Ask HN: DOCX to Markdown and Markdown to DOCX - tmaly
I am looking for solution that would allow me to convert DOCX to Markdown and also the reverse.  I would like to be able to support embedded pictures as well as tables.  Is there such a system?<p>My ultimate goal is to be able to track the documents as Markdown in a git repository.<p>I came across this<p>https:&#x2F;&#x2F;github.com&#x2F;benweet&#x2F;stackedit<p>which has some conversion from Markdown to PDF but I do not see PDF to Markdown.
======
brudgers
A .docx file is a zip containing a one or more .xml files that describe the
document. I once had the idea of of giving meaningful names to images in
one...after all, it's xml and xml is just text and supposed to be human
readable. It isn't. Word documents are rather complex, that's where the "one
or more .xml files" comes in. It's why Microsoft built its own open standard
back in the aughts when Sun was arguing that OpenDoc was good enough, i.e.
Microsoft would have had to remove functionality from Office to implement it.

Which is to give some background on why .docx -> .md -> .docx might not do
what users want it to do, if what users want at the end is what they put in at
the beginning or something close to it.

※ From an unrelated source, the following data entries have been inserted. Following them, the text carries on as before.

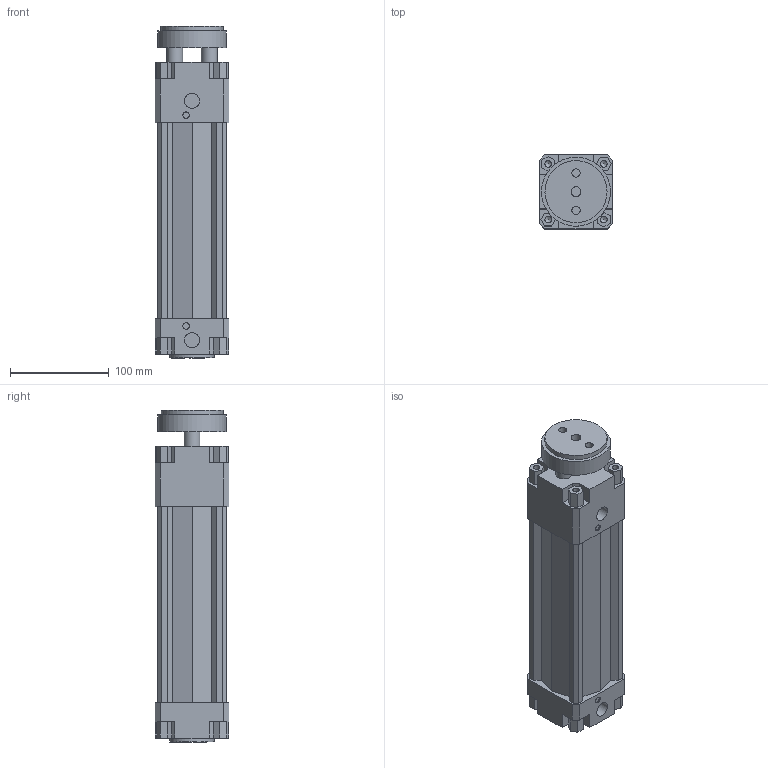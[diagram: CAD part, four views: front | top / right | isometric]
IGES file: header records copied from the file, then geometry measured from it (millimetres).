
Global section: file name: 134#_063_0150_01; native system: Autodesk Inventor 2014; preprocessor: unknown; author: A. Manieri; date: 20161006.165118; units: millimetre
Bounding box: 75 x 75 x 337 mm (x, y, z)
Volume: 1054178.9 mm3; surface area: 214319.5 mm2
Topology: 2 solids, 2 shells, 180 faces, 491 edges, 335 vertices
Faces by surface type: bspline 180

Markdown simply does not contain as
much information as .docx. Even "only" going to .html will probably be a mess:
last time I dealt with an html file generated from Word, it was full of local
markup <span>'s, but it might have become better since it's been a while.

Anyway, if I were trying to version track .docx files, I'd probably do
something like unzip -> commit -> zip and forget about trying to read diffs in
the repository.

Good luck.

------
ukz
Pandoc supports conversion from DOCX to Markdown and vice versa:
[http://pandoc.org/](http://pandoc.org/)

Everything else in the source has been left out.